Os primeiros serão os últimos

domingo, 20 de setembro de 2015

Quem acolhe os pequeninos, os mais desvalidos, ao próprio Deus é que acolhe.
Por Marcel Domergue*
Referências bíblicas:
1ª leitura: "Vamos condená-lo a morte vergonhosa..." (Sabedoria 2,12.17-20)
Salmo: Sl 53(54) - R/ É o Senhor quem sustenta a minha vida!
2ª leitura: "O fruto da justiça é semeado na paz, para aqueles que promovem a paz" (Tiago 3,16- 4,3)
Evangelho: "Se alguém quiser ser o primeiro, que seja o último de todos e aquele que serve a todos" (Marcos 9,30-37)
A tentação do primeiro lugar
Jesus havia acabado de anunciar que iria ser entregue nas mãos dos homens e que seria morto, crucificado como um malfeitor, como um homem de quem é preciso livrar-se para o bem de todos. O evangelista acrescenta que “os discípulos não compreendiam estas palavras e tinham medo de perguntar”. Ora, se temiam interrogá-lo, como de hábito não deixavam de fazer, era sem dúvida porque tinham medo da resposta. Em todo caso, encontravam-se de tal modo nos antípodas do que Jesus acabara de lhes dizer que discutiam sobre quem dentre eles seria o maior. Nem se tratava de saber quem era o melhor, o que seria já bastante pretensioso, mas quem era o primeiro; não é a mesma coisa! Uma manifestação típica da ambição. Mesmo os que, hoje como ontem, deixaram tudo para seguir o Cristo podem ser possuídos por este "demônio". Considerar-se superior, deixar para trás os outros, ocupar o primeiro lugar, num certo domínio ou em todas as coisas. Isto provém no fundo da necessidade de afirmação do próprio valor, do medo de seu próprio vazio, do temor de não estar à altura. A fé é, portanto, o que está em causa: a fé na vida, que é uma forma obscura da fé em Deus. A ambição, pois é disto exatamente que se trata, introduz com facilidade a violência em toda competição. Não esqueçamos que Gênesis 3 apresenta o pecado do homem como a ambição de se fazer "como Deus"; que o primeiro homicídio, o de Abel por Caim, é atribuído à inveja; e que Marcos 15,10 diz que Pilatos compreende ser por inveja que os chefes dos sacerdotes querem a morte de Jesus.
O desejo fundamental
A segunda leitura expressa em termos vigorosos a perversão da ambição.

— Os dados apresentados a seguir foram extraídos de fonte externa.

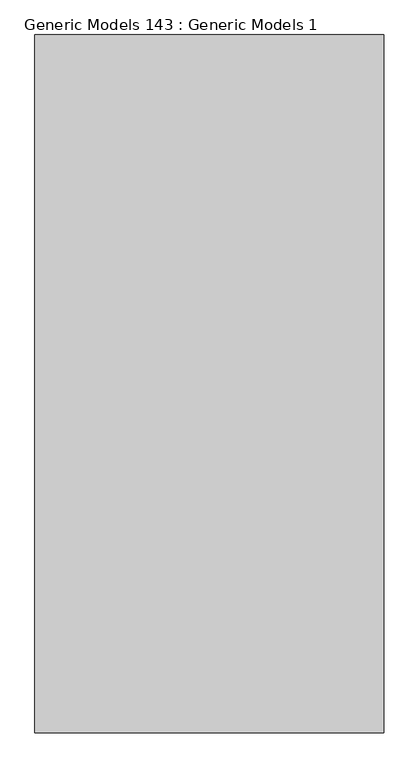
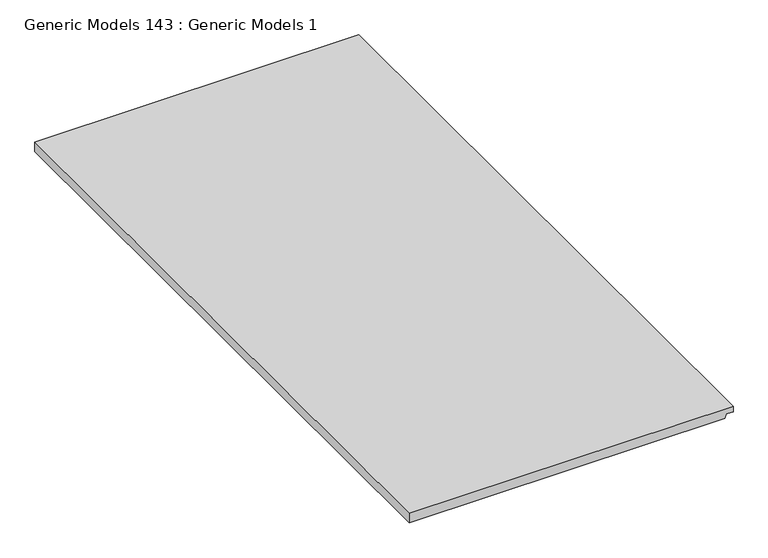
"""IFC4 building model written with IfcOpenShell, lengths in millimetres: proxy geometry, Generic Models 143 : Generic Models 1."""

from ifc_helpers import new_model, si_unit, frame, origin, place, context, project, spatial, polyline, outline, extrude, source, transform, mapped, element, save


def generic_models_143_generic_models_1_02ed30d2(model_context):
    return source(origin(), model_context, "Body", "SweptSolid", [
        extrude(outline(polyline([(2027.354361, 46814.4534123), (2027.354361, 46204.8534123), (2008.304361, 46204.8534123), (2008.304361, 46798.8643986), (2016.241861, 46801.7534123), (2016.241861, 46814.4534123), (2027.354361, 46814.4534123)])), frame((0.0, 0.0, 0.0), z_axis=(0.0, 1.0, 0.0), x_axis=(0.0, 0.0, 1.0)), (0.0, 0.0, 1.0), 1219.2),
    ])


if __name__ == "__main__":
    model = new_model("IFC4")
    model_context = context("Model", 3, world=origin())
    ifc_project = project(units=[si_unit("LENGTHUNIT", "METRE", prefix="MILLI")], contexts=[model_context])
    site = spatial("IfcSite", under=ifc_project)
    building = spatial("IfcBuilding", under=site)
    placement = place(None, origin())
    generic_models_143_generic_models_1_shape = generic_models_143_generic_models_1_02ed30d2(model_context)
    element("IfcBuildingElementProxy", 1, Name="Generic Models 143 : Generic Models 1", ObjectType="Generic Models 143 : Generic Models 1", at=placement, inside=building, context=model_context, shape_type="MappedRepresentation", body=[
        mapped(generic_models_143_generic_models_1_shape, transform((0.0, 0.0, 0.0), x_axis=(1.0, 0.0, 0.0), y_axis=(0.0, 1.0, 0.0), z_axis=(0.0, 0.0, 1.0))),
    ])
    save(model, "model.ifc")

# Revit data of these elements
# Element 1 (IfcBuildingElementProxy, "Generic Models 143 : Generic Models 1")
#   Materials on its faces: "CEILING AS SCHEDULED"
# Materials
#   "CEILING AS SCHEDULED": class "Generic", colour RGB 255 255 255, transparency 0, Cost = 0
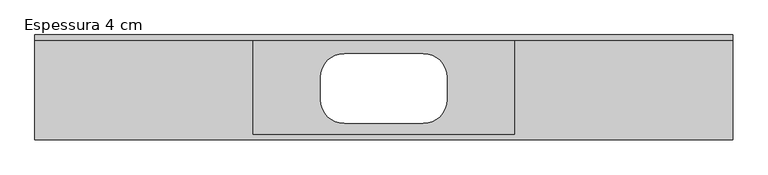
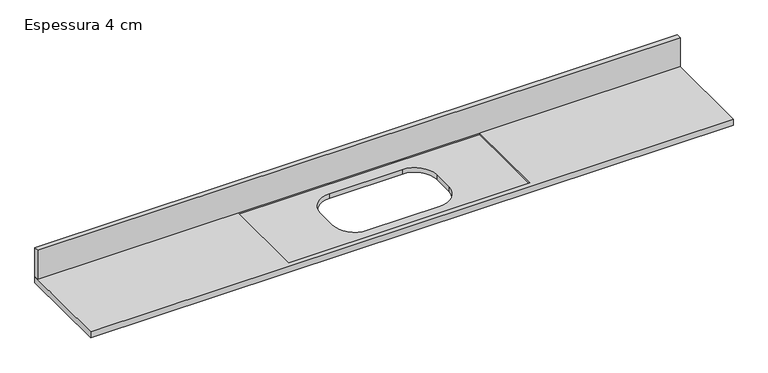
"""IFC4 building model written with IfcOpenShell, lengths in millimetres: furniture geometry, CC_BANCADA COZINHA_RETA : Espessura 4 cm."""

from ifc_helpers import new_model, si_unit, frame, origin, place, context, project, spatial, polyline, circle_curve, outline, extrude, source, transform, mapped, element, save
from ifc_brep_helpers import plane_surface, revolved_surface, advanced_brep


def espessura_4_cm_16a63bfa(model_context):
    return source(origin(), model_context, "Body", "SolidModel", [
        extrude(outline(polyline([(-4000.0, -30.0), (-4000.0, 0.0), (0.0, 0.0), (0.0, -30.0), (-4000.0, -30.0)])), frame((0.0, 0.0, 900.0), z_axis=(0.0, 0.0, 1.0), x_axis=(1.0, 0.0, 0.0)), (0.0, 0.0, 1.0), 190.0),
        advanced_brep(
        [(0.0, -600.0, 860.0), (-4000.0, -600.0, 860.0), (-4000.0, 0.0, 860.0), (0.0, 0.0, 860.0), (-2226.0, -107.0, 860.0), (-2361.0, -242.0, 860.0), (-2361.0, -372.0, 860.0), (-2226.0, -507.0, 860.0), (-1774.0, -507.0, 860.0), (-1639.0, -372.0, 860.0), (-1639.0, -242.0, 860.0), (-1774.0, -107.0, 860.0), (0.0, -600.0, 900.0), (0.0, 0.0, 900.0), (-4000.0, 0.0, 900.0), (-4000.0, -600.0, 900.0), (-1250.0, -30.0, 900.0), (-1250.0, -570.0, 900.0), (-2750.0, -570.0, 900.0), (-2750.0, -30.0, 900.0), (-1774.0, -107.0, 890.0), (-2226.0, -107.0, 890.0), (-1639.0, -242.0, 890.0), (-1639.0, -372.0, 890.0), (-1774.0, -507.0, 890.0), (-2226.0, -507.0, 890.0), (-2361.0, -372.0, 890.0), (-2361.0, -242.0, 890.0), (-1250.0, -570.0, 890.0), (-1250.0, -30.0, 890.0), (-2750.0, -30.0, 890.0), (-2750.0, -570.0, 890.0)],
        [
            (0, 1),
            (1, 2),
            (2, 3),
            (3, 0),
            (4, 5, circle_curve(frame((-2226.0, -242.0, 860.0), z_axis=(0.0, 0.0, 1.0), x_axis=(-1.0, 0.0, 0.0)), 135.0)),
            (5, 6),
            (6, 7, circle_curve(frame((-2226.0, -372.0, 860.0), z_axis=(0.0, 0.0, 1.0), x_axis=(-1.0, 0.0, 0.0)), 135.0)),
            (7, 8),
            (8, 9, circle_curve(frame((-1774.0, -372.0, 860.0), z_axis=(0.0, 0.0, 1.0), x_axis=(-1.0, 0.0, 0.0)), 135.0)),
            (9, 10),
            (10, 11, circle_curve(frame((-1774.0, -242.0, 860.0), z_axis=(0.0, 0.0, 1.0), x_axis=(-1.0, 0.0, 0.0)), 135.0)),
            (11, 4),
            (12, 13),
            (13, 14),
            (14, 15),
            (15, 12),
            (16, 17),
            (17, 18),
            (18, 19),
            (19, 16),
            (3, 13),
            (12, 0),
            (2, 14),
            (1, 15),
            (11, 20),
            (20, 21),
            (21, 4),
            (10, 22),
            (22, 20, circle_curve(frame((-1774.0, -242.0, 890.0), z_axis=(0.0, 0.0, 1.0), x_axis=(-1.0, 0.0, 0.0)), 135.0)),
            (9, 23),
            (23, 22),
            (8, 24),
            (24, 23, circle_curve(frame((-1774.0, -372.0, 890.0), z_axis=(0.0, 0.0, 1.0), x_axis=(-1.0, 0.0, 0.0)), 135.0)),
            (7, 25),
            (25, 24),
            (6, 26),
            (26, 25, circle_curve(frame((-2226.0, -372.0, 890.0), z_axis=(0.0, 0.0, 1.0), x_axis=(-1.0, 0.0, 0.0)), 135.0)),
            (5, 27),
            (27, 26),
            (21, 27, circle_curve(frame((-2226.0, -242.0, 890.0), z_axis=(0.0, 0.0, 1.0), x_axis=(-1.0, 0.0, 0.0)), 135.0)),
            (28, 29),
            (29, 30),
            (30, 31),
            (31, 28),
            (28, 17),
            (16, 29),
            (19, 30),
            (18, 31),
        ],
        [
            plane_surface(frame((0.0, -1500.0, 860.0), z_axis=(0.0, 0.0, -1.0), x_axis=(0.0, -1.0, 0.0))),
            plane_surface(frame((0.0, -1500.0, 900.0), z_axis=(0.0, 0.0, 1.0), x_axis=(0.0, 1.0, 0.0))),
            plane_surface(frame((0.0, -600.0, 900.0), z_axis=(1.0, 0.0, 0.0), x_axis=(0.0, 0.0, -1.0))),
            plane_surface(frame((0.0, 0.0, 900.0), z_axis=(0.0, 1.0, 0.0), x_axis=(0.0, 0.0, -1.0))),
            plane_surface(frame((-4000.0, 0.0, 900.0), z_axis=(-1.0, 0.0, 0.0), x_axis=(0.0, 0.0, -1.0))),
            plane_surface(frame((-4000.0, -600.0, 900.0), z_axis=(0.0, -1.0, 0.0), x_axis=(0.0, 0.0, -1.0))),
            plane_surface(frame((-2226.0, -107.0, 900.0), z_axis=(0.0, -1.0, 0.0), x_axis=(0.0, 0.0, -1.0))),
            revolved_surface(polyline([(-1909.0, -242.0, 860.0), (-1909.0, -242.0, 890.0)]), (-1774.0, -242.0, 890.0), (0.0, 0.0, -1.0)),
            plane_surface(frame((-1639.0, -242.0, 900.0), z_axis=(-1.0, 0.0, 0.0), x_axis=(0.0, 0.0, -1.0))),
            revolved_surface(polyline([(-1909.0, -372.0, 860.0), (-1909.0, -372.0, 890.0)]), (-1774.0, -372.0, 890.0), (0.0, 0.0, -1.0)),
            plane_surface(frame((-1774.0, -507.0, 900.0), z_axis=(0.0, 1.0, 0.0), x_axis=(0.0, 0.0, -1.0))),
            revolved_surface(polyline([(-2361.0, -372.0, 860.0), (-2361.0, -372.0, 890.0)]), (-2226.0, -372.0, 890.0), (0.0, 0.0, -1.0)),
            plane_surface(frame((-2361.0, -372.0, 900.0), z_axis=(1.0, 0.0, 0.0), x_axis=(0.0, 0.0, -1.0))),
            revolved_surface(polyline([(-2361.0, -242.0, 860.0), (-2361.0, -242.0, 890.0)]), (-2226.0, -242.0, 890.0), (0.0, 0.0, -1.0)),
            plane_surface(frame((-1250.0, -30.0, 890.0), z_axis=(0.0, 0.0, 1.0), x_axis=(0.0, -1.0, 0.0))),
            plane_surface(frame((-1250.0, -570.0, 940.0), z_axis=(-1.0, 0.0, 0.0), x_axis=(0.0, 0.0, -1.0))),
            plane_surface(frame((-1250.0, -30.0, 940.0), z_axis=(0.0, -1.0, 0.0), x_axis=(0.0, 0.0, -1.0))),
            plane_surface(frame((-2750.0, -30.0, 940.0), z_axis=(1.0, 0.0, 0.0), x_axis=(0.0, 0.0, -1.0))),
            plane_surface(frame((-2750.0, -570.0, 940.0), z_axis=(0.0, 1.0, 0.0), x_axis=(0.0, 0.0, -1.0))),
        ],
        [
            (0, [[1, 2, 3, 4], [5, 6, 7, 8, 9, 10, 11, 12]]),
            (1, [[13, 14, 15, 16], [17, 18, 19, 20]]),
            (2, [[-4, 21, -13, 22]]),
            (3, [[-3, 23, -14, -21]]),
            (4, [[-2, 24, -15, -23]]),
            (5, [[-1, -22, -16, -24]]),
            (6, [[-12, 25, 26, 27]]),
            (7, [[-11, 28, 29, -25]]),
            (8, [[-10, 30, 31, -28]]),
            (9, [[-9, 32, 33, -30]]),
            (10, [[-8, 34, 35, -32]]),
            (11, [[-7, 36, 37, -34]]),
            (12, [[-6, 38, 39, -36]]),
            (13, [[-5, -27, 40, -38]]),
            (14, [[41, 42, 43, 44], [-26, -29, -31, -33, -35, -37, -39, -40]]),
            (15, [[-41, 45, -17, 46]]),
            (16, [[-42, -46, -20, 47]]),
            (17, [[-43, -47, -19, 48]]),
            (18, [[-44, -48, -18, -45]]),
        ],
    ),
    ])


if __name__ == "__main__":
    model = new_model("IFC4")
    model_context = context("Model", 3, world=origin())
    ifc_project = project(units=[si_unit("LENGTHUNIT", "METRE", prefix="MILLI")], contexts=[model_context])
    site = spatial("IfcSite", under=ifc_project)
    building = spatial("IfcBuilding", under=site)
    placement = place(None, origin())
    espessura_4_cm_shape = espessura_4_cm_16a63bfa(model_context)
    element("IfcFurniture", 1, ObjectType="CC_BANCADA COZINHA_RETA : Espessura 4 cm", at=placement, inside=building, context=model_context, shape_type="MappedRepresentation", body=[
        mapped(espessura_4_cm_shape, transform((0.0, 0.0, 0.0), x_axis=(1.0, 0.0, 0.0), y_axis=(0.0, 1.0, 0.0), z_axis=(0.0, 0.0, 1.0))),
    ])
    save(model, "model.ifc")

# Revit data of these elements
# Type "CC_BANCADA COZINHA_RETA : Espessura 4 cm"
#   Uso HS [instance default] = ""
#   Offset esq área molhada [instance default] = 1.25 m
#   Largura área molhada [instance default] = 1.50 m
#   Largura principal [instance default] = 0.60 m
#   Espessura total da bancada [instance default] = 0.04 m
#   Espessura do frontão [instance default] = 0.03 m
#   Dist. cuba - borda [instance default] = 0.07 m
#   Compr. total principal [instance default] = 4.00 m
#   Altura do rebaixo da área molhada [instance default] = 0.01 m
#   Altura do frontão [instance default] = 0.20 m
#   Altura da bancada [instance default] = 0.90 m
#   Frontão fundos [instance default] = yes
#   Frontão esquerdo [instance default] = yes
#   Frontão direito [instance default] = yes
#   Material da bancada [instance default] = none
# Element 1 (IfcFurniture, "CC_BANCADA COZINHA_RETA : Espessura 4 cm")
#   Uso HS = "VARANDA"
#   Frontão esquerdo = no
#   Frontão direito = no
#   Material da bancada = .GRANITO_BRANCO_ITAUNAS
#   Materials on its faces: ".GRANITO_BRANCO_ITAUNAS"
# Materials
#   ".GRANITO_BRANCO_ITAUNAS": class ".CC_PEDRA REVEST.", colour RGB 202 195 174, transparency 0, Description = "Revestimento em granito", Cost = 0

Tiago viu muito bem que os nossos conflitos travados à luz do dia nascem de um conflito que é interior a cada um de nós, entre o nosso desejo de acolher e a nossa vontade de arrebatar. Notemos que nossa ambição por ocupar o primeiro lugar nos deixa a sós conosco mesmo: os outros se tornam de fato simples instrumentos a serem usados para a nossa grandeza. Fechados no círculo do culto ao nosso ego, não sabemos mais que só podemos ser nós mesmos de verdade através da nossa aliança com os outros. Aliança em sentido forte, que nos faz sair das nossas prisões interiores para fazer-nos aceder à semelhança com Deus, que, sendo Um, é Pai, Filho e Espírito, e que se revela a nós como quem se dá, para nos fazer viver. E estamos assim de volta ao anúncio da Paixão, na qual Jesus vai se entregar às nossas cobiças (a "inveja" de Mateus e de Marcos). Ali, ele será "o último de todos" e se fará "servidor de todos", como diz a leitura. Para aí é que nos deve conduzir o nosso desejo profundo, a nossa "ambição", o projeto da nossa existência. Porque não temos outro caminho para nos construirmos à imagem de Deus, ou seja, para existirmos. "O caminho, a verdade e a vida" estão aí, e a este preço. Será que imaginamos poder permanecer em vida fazendo-nos diferentes do Filho, separando-nos da "imagem do Deus invisível"?
Como uma criança
Aqui estamos nós, convidados a voltar sempre ao nosso início, ao estado de não poder nada, exceto acolher o que está por vir, o nosso futuro imprevisível. A voltar, portanto, a um tempo de abertura absoluta. Mas a ambição, na verdade, pode vir a contaminar o nosso desejo: o joio pode crescer misturado à boa semente. Não podemos confundir infância e inocência. O fato é que a criança é o ser humano em sua abertura; ela é, em sua incompletude, o acolhimento ao que vem. Tem a vida toda pela frente. E, para isso, é preciso contar com um fundo de esperança, com a confiança no futuro, mesmo que esta confiança permaneça escondida abaixo da consciência. É esta a fonte da alegria de viver das crianças. A confiança na vida que está por vir passa pela fé, pela abertura confiante em relação às pessoas que estão ao redor da criança, os pais em primeiro lugar, é claro. A criança é antes de tudo filha ou filho de uma mulher e um homem que foram o caminho da ação criadora de Deus. Mas aqui, segundo Marcos, Jesus não está falando da necessidade de que voltemos à abertura e à confiança da nossa infância. Aqui ele nos convida a que, em seu nome, recebamos o mais pobre, o mais desvalido, aquele que nada tem e que, por isso, só pode contar com os outros. Acolher estas pessoas é acolhê-lo, a ele mesmo, e, enfim, acolher o próprio Deus. Deus -e isto nos foi revelado, manifestado no que Cristo viveu - entregou-se em nossas mãos. Tendo nós em vista foi que Deus se fez a si mesmo criança nossa. Entregou-se totalmente à nossa dependência e temos o poder de aceitá-lo ou de recusá-lo.
Sítio Croire 18-09-2015.
*Marcel Domergue, sacerdote jesuíta francês.